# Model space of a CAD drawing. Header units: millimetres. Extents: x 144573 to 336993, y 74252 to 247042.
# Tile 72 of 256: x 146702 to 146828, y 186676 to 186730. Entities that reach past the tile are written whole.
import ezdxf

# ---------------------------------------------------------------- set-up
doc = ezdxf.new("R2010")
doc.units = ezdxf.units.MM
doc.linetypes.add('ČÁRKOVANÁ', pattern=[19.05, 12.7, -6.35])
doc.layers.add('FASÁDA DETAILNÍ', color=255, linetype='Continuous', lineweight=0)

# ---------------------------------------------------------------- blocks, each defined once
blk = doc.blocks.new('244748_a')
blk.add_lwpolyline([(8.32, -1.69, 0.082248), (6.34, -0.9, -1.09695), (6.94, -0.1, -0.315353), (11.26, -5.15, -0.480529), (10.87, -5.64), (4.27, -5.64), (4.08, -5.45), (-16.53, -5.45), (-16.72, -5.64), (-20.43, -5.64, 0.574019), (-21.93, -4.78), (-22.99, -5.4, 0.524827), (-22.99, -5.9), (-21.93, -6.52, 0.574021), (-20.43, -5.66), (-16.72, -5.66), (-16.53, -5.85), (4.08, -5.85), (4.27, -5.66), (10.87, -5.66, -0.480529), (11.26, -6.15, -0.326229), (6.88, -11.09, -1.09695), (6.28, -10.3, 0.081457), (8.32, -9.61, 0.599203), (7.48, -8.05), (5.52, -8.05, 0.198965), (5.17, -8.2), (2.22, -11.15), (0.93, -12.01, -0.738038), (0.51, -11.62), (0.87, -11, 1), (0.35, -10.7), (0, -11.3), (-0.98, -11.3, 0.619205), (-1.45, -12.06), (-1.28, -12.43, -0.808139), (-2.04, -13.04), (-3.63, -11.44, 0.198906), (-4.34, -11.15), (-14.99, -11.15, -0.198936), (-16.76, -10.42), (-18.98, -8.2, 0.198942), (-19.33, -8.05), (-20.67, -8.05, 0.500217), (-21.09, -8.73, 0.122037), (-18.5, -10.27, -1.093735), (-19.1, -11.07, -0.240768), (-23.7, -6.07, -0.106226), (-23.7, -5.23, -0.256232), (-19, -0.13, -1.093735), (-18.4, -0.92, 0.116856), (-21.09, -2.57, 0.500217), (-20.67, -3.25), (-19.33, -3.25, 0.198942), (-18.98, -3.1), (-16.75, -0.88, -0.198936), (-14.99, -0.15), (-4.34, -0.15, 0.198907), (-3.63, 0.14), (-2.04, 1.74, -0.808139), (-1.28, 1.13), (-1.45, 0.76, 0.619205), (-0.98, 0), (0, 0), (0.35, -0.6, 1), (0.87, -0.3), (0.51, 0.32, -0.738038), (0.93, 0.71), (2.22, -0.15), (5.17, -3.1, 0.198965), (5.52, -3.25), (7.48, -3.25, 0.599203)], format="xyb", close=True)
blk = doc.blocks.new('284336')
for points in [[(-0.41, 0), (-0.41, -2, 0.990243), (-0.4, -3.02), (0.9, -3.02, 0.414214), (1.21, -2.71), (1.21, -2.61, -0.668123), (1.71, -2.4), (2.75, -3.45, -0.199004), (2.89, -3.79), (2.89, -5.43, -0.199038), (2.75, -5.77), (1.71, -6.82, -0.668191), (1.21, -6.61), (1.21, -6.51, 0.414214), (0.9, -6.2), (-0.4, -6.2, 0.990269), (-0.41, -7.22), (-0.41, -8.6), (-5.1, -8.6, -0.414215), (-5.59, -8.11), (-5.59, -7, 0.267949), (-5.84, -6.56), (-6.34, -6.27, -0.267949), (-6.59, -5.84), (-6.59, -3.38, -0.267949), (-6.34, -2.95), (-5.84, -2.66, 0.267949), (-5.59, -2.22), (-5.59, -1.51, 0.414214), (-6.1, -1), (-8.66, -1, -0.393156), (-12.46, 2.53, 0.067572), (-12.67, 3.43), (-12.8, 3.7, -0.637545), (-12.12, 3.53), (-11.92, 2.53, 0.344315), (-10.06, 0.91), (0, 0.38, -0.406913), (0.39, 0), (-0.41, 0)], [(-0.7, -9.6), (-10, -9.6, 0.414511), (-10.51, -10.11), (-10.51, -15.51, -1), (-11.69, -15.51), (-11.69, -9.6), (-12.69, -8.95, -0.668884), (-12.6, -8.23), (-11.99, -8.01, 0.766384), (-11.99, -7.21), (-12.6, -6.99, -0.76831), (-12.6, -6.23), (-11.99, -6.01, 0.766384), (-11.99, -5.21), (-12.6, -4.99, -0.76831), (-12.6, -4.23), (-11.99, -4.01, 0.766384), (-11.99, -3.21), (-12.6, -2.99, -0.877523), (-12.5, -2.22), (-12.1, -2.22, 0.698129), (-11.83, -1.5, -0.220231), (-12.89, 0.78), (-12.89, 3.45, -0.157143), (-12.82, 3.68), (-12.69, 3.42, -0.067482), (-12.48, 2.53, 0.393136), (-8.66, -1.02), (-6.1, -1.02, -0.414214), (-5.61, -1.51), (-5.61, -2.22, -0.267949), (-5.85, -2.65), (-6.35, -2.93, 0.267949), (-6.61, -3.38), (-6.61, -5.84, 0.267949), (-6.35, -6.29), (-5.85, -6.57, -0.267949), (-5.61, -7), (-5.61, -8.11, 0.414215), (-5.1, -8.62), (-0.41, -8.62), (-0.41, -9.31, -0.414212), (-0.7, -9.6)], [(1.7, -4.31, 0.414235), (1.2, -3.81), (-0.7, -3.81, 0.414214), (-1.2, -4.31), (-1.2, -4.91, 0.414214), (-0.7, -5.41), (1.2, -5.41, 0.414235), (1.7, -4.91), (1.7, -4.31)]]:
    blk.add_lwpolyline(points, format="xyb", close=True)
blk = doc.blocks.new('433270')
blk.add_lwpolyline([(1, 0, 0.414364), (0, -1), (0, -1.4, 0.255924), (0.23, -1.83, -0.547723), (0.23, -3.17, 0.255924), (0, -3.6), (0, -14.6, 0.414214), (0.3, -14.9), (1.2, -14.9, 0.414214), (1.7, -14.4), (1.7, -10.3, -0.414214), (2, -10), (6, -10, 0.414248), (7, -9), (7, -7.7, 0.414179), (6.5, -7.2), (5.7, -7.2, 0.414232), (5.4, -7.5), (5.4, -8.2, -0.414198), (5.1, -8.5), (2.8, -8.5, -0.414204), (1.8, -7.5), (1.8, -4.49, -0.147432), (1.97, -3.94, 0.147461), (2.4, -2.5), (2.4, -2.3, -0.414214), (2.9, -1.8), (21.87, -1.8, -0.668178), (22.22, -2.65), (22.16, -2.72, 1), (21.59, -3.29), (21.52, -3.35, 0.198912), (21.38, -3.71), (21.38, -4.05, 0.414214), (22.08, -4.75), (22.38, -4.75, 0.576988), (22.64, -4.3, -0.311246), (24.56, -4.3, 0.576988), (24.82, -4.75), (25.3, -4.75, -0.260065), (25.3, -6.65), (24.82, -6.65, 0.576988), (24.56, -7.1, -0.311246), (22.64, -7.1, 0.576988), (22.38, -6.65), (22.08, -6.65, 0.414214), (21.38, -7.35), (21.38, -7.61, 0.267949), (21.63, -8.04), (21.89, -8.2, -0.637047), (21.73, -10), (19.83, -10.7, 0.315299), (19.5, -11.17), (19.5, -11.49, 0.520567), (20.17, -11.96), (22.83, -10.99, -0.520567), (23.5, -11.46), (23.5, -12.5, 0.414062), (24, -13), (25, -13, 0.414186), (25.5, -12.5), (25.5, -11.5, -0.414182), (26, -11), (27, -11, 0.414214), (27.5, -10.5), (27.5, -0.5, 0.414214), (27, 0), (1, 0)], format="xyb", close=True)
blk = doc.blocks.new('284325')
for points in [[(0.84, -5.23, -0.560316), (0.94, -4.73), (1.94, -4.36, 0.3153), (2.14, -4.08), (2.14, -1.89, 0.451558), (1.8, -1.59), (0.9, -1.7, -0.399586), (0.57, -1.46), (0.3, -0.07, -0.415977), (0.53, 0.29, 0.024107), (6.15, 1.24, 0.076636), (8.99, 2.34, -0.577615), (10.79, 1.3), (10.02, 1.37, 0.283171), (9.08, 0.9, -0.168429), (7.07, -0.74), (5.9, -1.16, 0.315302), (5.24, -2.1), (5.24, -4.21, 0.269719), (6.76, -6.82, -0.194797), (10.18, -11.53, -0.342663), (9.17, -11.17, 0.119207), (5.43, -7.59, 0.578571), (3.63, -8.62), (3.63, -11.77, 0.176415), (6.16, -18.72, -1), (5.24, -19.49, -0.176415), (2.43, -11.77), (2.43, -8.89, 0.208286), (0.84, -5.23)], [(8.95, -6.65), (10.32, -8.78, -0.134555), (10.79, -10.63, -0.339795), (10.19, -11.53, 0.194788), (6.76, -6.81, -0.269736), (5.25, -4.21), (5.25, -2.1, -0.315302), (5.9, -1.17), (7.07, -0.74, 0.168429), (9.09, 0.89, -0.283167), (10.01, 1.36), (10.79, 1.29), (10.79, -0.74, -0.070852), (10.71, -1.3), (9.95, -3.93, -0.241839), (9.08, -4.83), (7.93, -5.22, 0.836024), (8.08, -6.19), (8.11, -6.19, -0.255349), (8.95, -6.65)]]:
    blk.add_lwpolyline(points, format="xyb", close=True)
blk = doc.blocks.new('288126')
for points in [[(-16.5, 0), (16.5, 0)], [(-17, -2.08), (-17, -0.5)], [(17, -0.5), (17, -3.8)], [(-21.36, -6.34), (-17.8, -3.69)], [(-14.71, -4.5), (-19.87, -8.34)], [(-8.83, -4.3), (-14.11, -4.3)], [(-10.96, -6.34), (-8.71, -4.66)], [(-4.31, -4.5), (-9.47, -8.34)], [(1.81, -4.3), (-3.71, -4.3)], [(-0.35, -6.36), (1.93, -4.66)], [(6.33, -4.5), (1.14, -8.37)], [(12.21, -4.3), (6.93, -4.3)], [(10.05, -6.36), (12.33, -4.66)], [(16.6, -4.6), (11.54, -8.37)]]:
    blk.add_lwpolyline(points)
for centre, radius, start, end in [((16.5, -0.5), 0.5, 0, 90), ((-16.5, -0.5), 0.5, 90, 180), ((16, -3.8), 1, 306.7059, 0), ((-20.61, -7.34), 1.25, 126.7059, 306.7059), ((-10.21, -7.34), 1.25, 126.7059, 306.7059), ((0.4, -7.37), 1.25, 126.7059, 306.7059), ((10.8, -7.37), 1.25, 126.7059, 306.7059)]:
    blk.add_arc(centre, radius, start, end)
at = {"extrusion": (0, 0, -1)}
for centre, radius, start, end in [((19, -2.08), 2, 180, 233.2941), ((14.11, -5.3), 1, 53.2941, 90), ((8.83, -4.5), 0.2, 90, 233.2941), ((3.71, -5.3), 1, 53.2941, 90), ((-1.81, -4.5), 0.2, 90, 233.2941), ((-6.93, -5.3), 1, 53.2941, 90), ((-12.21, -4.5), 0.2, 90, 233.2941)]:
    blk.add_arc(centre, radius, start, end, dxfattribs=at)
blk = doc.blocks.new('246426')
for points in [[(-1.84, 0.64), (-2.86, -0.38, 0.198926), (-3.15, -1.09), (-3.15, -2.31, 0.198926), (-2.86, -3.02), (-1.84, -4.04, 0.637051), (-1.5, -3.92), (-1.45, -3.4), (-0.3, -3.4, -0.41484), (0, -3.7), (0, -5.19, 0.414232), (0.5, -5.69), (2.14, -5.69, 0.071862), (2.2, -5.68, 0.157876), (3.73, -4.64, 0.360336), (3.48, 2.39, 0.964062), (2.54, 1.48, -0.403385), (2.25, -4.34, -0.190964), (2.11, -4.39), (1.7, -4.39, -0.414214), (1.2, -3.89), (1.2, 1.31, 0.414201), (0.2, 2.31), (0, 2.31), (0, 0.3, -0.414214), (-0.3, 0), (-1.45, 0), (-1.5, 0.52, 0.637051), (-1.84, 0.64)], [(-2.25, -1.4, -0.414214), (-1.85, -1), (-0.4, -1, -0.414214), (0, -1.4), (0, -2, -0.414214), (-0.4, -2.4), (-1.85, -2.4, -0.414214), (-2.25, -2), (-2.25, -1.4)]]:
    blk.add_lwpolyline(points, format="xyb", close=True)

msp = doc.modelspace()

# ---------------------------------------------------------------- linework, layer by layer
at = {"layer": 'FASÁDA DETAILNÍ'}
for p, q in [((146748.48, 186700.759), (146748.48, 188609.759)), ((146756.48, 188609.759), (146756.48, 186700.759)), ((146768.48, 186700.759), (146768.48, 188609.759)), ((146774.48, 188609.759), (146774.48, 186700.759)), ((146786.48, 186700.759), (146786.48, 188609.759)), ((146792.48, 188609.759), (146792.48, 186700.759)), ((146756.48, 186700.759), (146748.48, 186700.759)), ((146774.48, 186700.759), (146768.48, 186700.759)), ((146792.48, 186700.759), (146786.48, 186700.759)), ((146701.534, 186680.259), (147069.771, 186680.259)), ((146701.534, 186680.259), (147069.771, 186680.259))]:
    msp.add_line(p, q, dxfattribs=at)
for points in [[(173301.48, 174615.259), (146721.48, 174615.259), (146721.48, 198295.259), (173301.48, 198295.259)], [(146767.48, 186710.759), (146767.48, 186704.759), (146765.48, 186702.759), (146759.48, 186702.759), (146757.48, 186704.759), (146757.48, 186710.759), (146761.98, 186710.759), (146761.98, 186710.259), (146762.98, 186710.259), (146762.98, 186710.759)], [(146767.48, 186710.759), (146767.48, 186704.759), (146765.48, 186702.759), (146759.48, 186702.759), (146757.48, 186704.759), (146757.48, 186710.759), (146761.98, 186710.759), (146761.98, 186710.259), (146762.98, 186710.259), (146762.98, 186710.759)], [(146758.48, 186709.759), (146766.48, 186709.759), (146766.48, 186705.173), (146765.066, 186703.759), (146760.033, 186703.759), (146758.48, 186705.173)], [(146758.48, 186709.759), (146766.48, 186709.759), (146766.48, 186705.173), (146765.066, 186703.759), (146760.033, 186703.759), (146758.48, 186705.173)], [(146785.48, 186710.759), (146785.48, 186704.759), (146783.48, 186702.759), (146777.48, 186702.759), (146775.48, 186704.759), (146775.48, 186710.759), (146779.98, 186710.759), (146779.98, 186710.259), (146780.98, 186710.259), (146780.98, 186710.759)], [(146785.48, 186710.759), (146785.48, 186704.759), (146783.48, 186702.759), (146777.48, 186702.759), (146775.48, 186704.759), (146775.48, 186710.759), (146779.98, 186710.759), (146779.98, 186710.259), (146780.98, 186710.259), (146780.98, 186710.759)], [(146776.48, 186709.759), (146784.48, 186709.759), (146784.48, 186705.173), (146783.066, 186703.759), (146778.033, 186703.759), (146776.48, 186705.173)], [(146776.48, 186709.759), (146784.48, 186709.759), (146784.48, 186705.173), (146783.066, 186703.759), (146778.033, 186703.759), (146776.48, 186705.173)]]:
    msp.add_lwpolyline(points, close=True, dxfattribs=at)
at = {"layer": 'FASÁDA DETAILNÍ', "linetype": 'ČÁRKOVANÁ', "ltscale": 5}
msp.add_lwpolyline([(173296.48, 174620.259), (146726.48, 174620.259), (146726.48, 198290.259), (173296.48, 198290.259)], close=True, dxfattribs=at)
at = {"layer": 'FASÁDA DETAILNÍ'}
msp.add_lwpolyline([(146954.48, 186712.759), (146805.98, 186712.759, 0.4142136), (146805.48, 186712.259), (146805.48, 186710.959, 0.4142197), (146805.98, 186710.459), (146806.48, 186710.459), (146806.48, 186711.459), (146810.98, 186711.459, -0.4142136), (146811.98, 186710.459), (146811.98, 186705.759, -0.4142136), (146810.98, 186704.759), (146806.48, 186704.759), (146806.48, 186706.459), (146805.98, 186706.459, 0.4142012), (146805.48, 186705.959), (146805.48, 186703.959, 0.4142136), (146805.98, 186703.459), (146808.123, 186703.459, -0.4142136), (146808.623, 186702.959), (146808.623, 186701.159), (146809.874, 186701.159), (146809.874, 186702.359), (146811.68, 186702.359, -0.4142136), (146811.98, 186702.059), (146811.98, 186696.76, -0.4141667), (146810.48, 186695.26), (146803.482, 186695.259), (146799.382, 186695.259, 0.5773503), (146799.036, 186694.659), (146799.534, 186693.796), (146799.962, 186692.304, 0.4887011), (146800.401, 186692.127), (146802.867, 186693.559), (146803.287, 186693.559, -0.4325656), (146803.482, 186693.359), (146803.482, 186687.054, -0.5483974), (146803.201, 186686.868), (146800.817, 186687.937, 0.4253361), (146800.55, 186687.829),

■ Task to carry out ■
Take each line above that holds the string "ezdxf" and copy it.

■ Task response ■
import ezdxf
doc = ezdxf.new("R2010")
doc.units = ezdxf.units.MM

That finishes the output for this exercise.